Demonstrating progress in delivering a core component of Costain’s leading-edge strategy to grow its future shaping strategic consultancy capability, the projects will look at the infrastructure required for the development of the hydrogen economy, for large scale carbon(CO2) capture, usage and storage (CCUS) and transport as well as onsite strategic opportunities specific to each industry in the clusters. Costain’s involvement is testament to delivering on its Climate Change action plan, launched in February 2020, which commits to playing a leading role in the development and delivery of both carbon capture and clean and renewable energy generation to reduce carbon footprints across every sector.

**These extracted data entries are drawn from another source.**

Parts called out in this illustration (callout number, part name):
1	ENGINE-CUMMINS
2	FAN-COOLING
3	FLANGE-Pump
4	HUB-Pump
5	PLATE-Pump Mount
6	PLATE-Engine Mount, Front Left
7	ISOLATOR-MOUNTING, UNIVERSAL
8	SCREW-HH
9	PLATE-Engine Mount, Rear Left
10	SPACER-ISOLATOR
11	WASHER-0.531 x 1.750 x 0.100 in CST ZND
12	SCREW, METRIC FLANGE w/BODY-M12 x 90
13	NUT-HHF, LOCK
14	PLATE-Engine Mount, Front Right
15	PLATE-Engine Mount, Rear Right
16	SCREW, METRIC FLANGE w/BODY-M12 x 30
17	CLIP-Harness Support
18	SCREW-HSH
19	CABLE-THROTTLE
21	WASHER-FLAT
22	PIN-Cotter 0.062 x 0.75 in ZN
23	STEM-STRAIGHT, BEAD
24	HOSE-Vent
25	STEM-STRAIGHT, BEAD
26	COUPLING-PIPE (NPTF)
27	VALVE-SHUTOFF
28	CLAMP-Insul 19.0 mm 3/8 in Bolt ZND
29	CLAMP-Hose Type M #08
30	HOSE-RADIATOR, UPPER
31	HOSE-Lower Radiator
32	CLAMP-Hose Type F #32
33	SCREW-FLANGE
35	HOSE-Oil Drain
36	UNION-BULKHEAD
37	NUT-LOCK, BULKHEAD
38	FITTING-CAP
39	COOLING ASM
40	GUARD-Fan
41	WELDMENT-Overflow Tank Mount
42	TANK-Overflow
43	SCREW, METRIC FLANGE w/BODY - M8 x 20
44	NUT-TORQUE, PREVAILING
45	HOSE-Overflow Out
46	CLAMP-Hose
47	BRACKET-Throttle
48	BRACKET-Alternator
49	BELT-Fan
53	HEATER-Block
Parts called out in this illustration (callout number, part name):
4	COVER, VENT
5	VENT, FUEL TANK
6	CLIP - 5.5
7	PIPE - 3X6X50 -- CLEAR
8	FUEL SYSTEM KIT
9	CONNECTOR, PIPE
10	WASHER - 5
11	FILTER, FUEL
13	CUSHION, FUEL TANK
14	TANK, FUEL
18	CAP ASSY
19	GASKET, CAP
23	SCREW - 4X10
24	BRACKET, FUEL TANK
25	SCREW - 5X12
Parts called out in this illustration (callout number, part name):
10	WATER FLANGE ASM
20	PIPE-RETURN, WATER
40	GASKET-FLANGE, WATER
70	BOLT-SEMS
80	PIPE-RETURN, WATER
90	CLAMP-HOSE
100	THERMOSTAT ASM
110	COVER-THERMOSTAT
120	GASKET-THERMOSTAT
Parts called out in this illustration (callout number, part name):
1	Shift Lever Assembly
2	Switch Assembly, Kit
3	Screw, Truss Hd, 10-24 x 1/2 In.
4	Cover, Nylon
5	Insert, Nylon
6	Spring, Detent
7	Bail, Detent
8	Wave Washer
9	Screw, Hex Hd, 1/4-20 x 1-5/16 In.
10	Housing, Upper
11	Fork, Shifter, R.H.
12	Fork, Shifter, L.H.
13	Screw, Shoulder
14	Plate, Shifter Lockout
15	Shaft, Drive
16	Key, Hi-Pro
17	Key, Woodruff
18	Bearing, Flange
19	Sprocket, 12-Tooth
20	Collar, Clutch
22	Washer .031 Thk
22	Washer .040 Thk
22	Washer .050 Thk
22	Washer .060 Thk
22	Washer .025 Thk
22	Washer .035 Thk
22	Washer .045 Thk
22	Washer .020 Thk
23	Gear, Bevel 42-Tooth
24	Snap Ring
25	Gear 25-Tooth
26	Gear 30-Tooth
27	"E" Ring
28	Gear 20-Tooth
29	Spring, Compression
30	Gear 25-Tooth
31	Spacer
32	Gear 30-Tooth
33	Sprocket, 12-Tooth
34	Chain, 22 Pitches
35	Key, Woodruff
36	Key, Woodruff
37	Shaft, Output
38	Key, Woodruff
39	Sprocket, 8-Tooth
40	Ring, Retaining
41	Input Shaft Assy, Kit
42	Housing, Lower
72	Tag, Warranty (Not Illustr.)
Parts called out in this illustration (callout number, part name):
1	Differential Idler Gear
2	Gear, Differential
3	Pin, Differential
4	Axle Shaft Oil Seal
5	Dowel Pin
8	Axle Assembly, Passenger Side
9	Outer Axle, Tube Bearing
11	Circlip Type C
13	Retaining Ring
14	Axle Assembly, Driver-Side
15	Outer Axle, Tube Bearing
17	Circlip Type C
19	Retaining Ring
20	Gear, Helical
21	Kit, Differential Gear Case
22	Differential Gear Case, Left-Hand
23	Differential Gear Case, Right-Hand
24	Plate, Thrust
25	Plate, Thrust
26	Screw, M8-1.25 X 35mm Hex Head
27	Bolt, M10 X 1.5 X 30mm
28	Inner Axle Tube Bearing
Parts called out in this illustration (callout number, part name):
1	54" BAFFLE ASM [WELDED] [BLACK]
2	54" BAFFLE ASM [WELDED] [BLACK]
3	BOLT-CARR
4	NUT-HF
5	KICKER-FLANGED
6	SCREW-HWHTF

Alongside partners such as Tata Steel, Tarmac, RWE, Valero Energy, University of South Wales, Progressive Energy and CR Plus in Wales and Pale Blue Dot energy and NECCUS in Scotland, Costain will play a key role in developing plans that will help to establish the world’s first net zero carbon industrial cluster by 2040 and demonstrate how Welsh and Scottish industry can support the UK’s journey to a net zero carbon future.
Not only will the projects make a vital contribution to the UK’s journey to net zero by 2050, they have the potential to strengthen the economic resilience of UK industry and communities by ensuring operations in the regions are sustainable for the long term.
If the projects proceed successfully through the various phases of the UK government’s Industrial Decarbonisation Challenge, they would stimulate significant clean growth, developing new skills, creating more jobs and opening up opportunities nationally and internationally for UK businesses. It would also enhance the UK’s ability to locally manufacture low or net zero carbon cement and steel products, helping to drive the low carbon future of UK construction and other sectors.